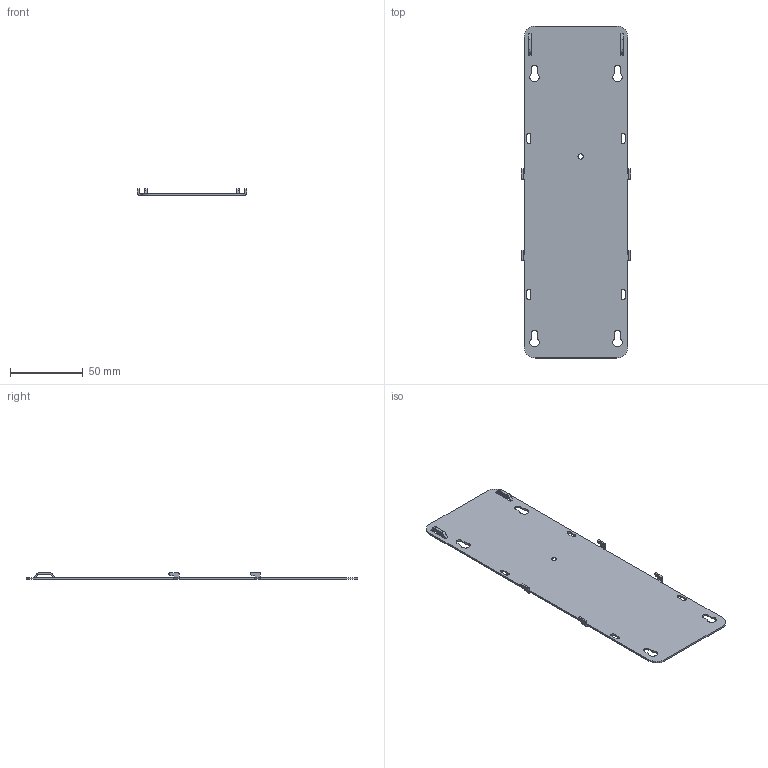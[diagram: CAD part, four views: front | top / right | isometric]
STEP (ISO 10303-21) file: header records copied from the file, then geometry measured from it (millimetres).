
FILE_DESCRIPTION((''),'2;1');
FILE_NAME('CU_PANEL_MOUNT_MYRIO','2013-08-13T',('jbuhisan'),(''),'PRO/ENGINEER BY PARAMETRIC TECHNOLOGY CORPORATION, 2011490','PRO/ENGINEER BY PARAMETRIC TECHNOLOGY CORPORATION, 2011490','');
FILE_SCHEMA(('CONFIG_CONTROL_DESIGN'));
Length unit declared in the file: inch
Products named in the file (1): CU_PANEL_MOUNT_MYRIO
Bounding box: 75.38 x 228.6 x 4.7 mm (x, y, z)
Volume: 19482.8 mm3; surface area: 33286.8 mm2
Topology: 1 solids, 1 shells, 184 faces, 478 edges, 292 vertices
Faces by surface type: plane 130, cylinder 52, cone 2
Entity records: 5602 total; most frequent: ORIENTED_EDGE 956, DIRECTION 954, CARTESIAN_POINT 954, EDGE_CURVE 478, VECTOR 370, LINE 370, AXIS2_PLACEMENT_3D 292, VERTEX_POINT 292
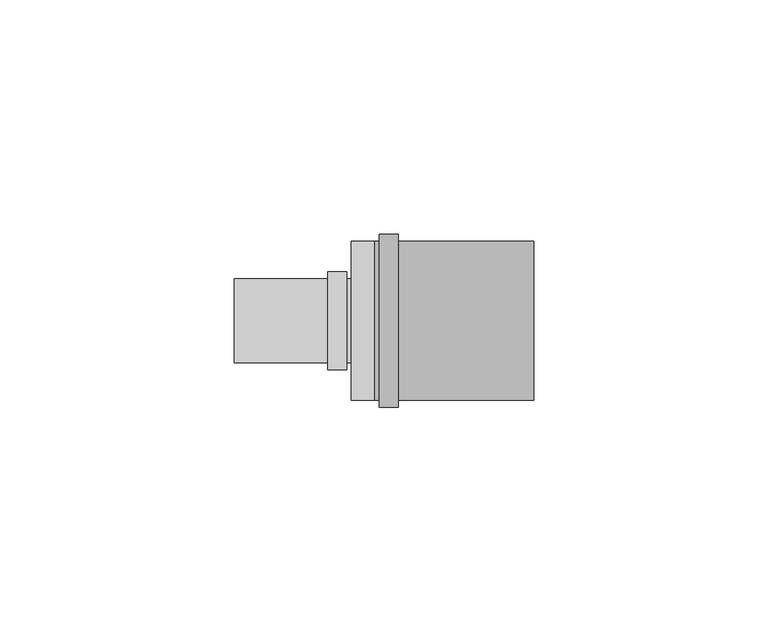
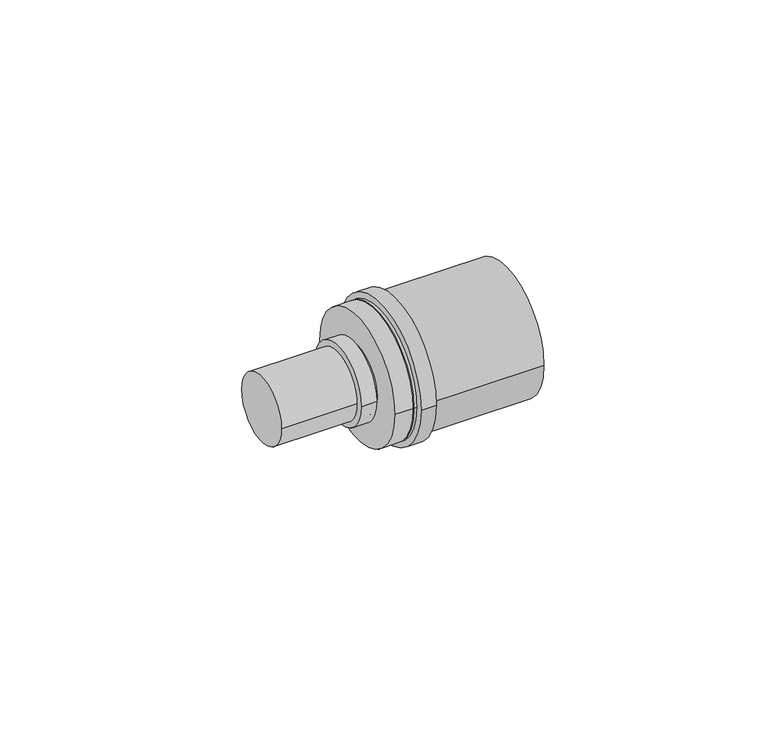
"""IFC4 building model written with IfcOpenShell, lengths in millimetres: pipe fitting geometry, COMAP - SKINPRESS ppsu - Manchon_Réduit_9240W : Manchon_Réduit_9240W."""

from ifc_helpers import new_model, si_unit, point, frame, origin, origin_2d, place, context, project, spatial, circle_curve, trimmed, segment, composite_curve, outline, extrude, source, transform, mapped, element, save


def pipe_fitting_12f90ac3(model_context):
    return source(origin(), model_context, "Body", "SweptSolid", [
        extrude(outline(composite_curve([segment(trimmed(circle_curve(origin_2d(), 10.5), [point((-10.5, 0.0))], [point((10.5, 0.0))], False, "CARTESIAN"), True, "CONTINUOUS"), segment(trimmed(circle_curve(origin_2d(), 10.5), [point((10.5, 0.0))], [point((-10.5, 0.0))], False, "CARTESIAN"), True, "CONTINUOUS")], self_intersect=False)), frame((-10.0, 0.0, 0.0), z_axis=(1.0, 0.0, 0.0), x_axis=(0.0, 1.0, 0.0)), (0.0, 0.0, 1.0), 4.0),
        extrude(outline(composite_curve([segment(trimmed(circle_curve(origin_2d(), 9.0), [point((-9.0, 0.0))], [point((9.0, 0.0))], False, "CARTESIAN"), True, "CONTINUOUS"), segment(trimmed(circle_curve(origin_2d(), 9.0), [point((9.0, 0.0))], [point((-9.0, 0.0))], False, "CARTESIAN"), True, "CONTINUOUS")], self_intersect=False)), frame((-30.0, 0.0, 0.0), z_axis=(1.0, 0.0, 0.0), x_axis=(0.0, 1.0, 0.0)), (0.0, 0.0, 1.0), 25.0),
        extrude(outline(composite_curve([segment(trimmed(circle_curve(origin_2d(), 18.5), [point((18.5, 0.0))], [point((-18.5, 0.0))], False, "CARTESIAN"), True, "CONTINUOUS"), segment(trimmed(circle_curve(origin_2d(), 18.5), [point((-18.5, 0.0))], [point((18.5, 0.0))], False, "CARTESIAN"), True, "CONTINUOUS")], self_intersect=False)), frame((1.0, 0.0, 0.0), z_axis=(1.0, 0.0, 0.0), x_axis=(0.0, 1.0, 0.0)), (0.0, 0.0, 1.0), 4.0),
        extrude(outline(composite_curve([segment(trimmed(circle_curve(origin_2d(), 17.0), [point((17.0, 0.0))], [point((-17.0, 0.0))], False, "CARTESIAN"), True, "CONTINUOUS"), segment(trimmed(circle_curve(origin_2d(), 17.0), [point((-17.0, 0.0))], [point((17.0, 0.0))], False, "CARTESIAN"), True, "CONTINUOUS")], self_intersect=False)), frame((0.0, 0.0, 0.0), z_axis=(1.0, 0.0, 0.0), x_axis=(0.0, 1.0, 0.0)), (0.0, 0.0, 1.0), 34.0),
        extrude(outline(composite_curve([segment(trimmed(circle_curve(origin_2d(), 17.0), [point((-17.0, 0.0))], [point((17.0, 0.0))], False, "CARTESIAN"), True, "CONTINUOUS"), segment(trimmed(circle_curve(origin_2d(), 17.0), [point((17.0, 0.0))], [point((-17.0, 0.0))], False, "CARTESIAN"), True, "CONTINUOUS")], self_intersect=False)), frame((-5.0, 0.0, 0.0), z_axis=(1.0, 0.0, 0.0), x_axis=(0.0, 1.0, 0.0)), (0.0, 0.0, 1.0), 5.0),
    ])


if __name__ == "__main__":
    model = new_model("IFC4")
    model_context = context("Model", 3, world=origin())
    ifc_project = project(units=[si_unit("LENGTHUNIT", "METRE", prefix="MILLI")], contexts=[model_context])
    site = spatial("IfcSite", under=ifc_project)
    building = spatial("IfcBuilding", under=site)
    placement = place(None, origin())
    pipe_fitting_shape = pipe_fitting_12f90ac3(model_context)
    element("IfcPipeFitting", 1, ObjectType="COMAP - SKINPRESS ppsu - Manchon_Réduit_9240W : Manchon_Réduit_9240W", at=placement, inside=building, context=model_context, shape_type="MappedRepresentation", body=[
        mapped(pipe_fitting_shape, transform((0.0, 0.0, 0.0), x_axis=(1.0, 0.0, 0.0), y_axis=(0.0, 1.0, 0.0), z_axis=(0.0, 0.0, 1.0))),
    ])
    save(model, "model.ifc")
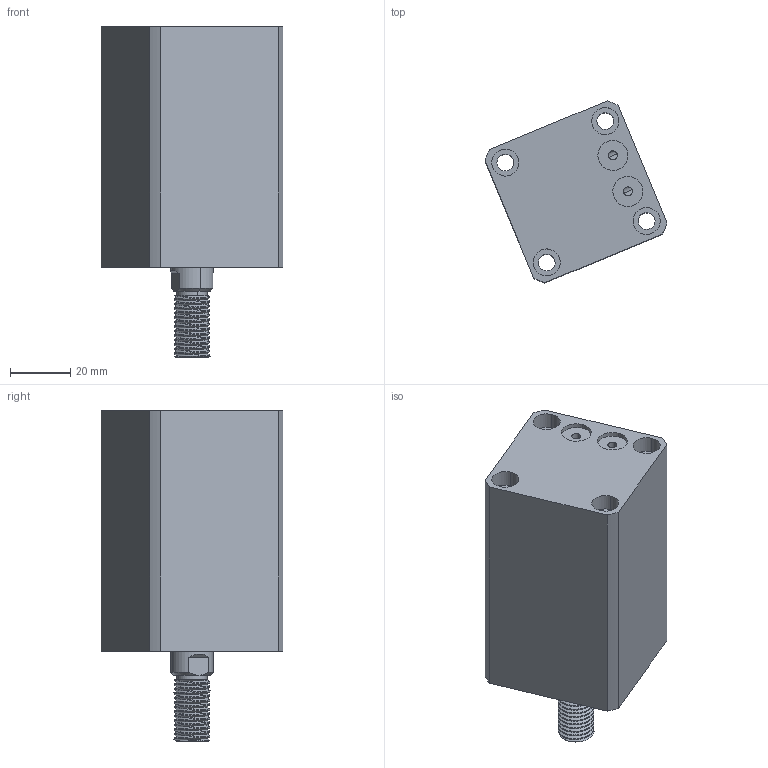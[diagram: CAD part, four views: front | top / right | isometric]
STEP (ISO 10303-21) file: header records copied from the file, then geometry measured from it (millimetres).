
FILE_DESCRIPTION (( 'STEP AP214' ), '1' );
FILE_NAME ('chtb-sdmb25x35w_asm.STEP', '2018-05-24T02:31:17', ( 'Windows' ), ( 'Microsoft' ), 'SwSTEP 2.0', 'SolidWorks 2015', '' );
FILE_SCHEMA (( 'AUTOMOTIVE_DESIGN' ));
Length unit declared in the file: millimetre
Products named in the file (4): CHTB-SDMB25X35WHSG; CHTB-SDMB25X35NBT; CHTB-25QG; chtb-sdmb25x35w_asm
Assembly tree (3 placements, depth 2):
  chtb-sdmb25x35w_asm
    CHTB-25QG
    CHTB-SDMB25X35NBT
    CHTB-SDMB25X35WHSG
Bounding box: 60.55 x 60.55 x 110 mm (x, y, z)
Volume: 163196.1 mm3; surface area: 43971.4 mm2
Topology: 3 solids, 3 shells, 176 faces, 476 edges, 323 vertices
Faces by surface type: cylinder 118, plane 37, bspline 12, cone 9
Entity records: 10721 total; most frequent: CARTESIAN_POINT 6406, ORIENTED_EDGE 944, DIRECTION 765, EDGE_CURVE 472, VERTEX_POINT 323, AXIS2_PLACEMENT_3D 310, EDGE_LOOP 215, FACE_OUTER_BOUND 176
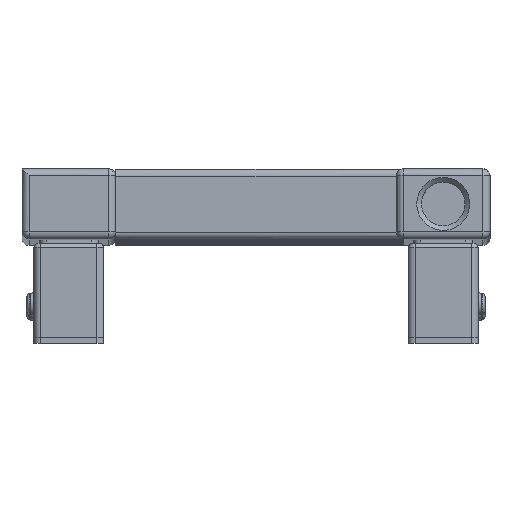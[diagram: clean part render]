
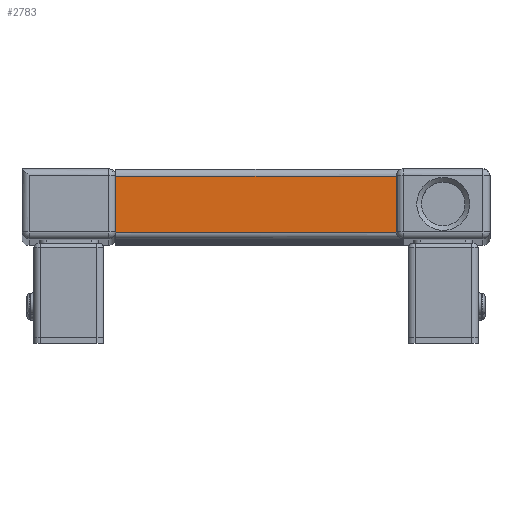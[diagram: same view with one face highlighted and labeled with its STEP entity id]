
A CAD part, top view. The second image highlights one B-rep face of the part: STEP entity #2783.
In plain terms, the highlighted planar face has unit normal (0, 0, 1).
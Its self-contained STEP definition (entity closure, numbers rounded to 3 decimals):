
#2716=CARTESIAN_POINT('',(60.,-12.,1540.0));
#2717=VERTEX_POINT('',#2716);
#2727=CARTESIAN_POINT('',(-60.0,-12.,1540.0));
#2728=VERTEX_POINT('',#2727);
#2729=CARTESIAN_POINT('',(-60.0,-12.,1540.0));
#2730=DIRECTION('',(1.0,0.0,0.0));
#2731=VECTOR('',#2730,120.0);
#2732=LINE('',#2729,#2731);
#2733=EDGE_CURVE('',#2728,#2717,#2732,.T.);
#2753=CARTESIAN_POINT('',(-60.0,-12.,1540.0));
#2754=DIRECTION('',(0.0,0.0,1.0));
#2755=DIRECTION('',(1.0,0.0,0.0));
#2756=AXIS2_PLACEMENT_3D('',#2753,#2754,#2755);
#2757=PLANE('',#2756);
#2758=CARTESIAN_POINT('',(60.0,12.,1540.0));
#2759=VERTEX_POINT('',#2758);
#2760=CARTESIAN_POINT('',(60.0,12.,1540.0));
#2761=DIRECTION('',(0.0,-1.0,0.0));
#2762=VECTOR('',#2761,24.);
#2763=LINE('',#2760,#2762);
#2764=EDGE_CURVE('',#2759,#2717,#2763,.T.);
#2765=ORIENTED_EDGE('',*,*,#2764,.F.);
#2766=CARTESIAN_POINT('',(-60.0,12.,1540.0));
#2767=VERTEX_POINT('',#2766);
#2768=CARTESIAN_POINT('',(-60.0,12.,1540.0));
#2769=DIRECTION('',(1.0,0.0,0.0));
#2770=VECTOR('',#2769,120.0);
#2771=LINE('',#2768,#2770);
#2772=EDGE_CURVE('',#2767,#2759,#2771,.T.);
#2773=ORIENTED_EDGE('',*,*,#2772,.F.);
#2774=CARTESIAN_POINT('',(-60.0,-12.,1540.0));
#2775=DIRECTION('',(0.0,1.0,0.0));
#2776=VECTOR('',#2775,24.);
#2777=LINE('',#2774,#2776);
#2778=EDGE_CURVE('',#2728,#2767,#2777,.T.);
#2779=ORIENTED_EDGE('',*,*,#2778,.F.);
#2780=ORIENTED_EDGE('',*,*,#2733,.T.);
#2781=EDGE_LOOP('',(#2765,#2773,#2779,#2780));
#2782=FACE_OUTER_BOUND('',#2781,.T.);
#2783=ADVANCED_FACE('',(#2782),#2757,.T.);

=====

*Problem to solve:*
Send back exactly the lines of the listing above starting at the one with "#2763=LINE('',#2760,#2762);" and ending at the one with "#2769=DIRECTION('',(1.0,0.0,0.0));", inclusive, and no others.

*Written response:*
#2763=LINE('',#2760,#2762);
#2764=EDGE_CURVE('',#2759,#2717,#2763,.T.);
#2765=ORIENTED_EDGE('',*,*,#2764,.F.);
#2766=CARTESIAN_POINT('',(-60.0,12.,1540.0));
#2767=VERTEX_POINT('',#2766);
#2768=CARTESIAN_POINT('',(-60.0,12.,1540.0));
#2769=DIRECTION('',(1.0,0.0,0.0));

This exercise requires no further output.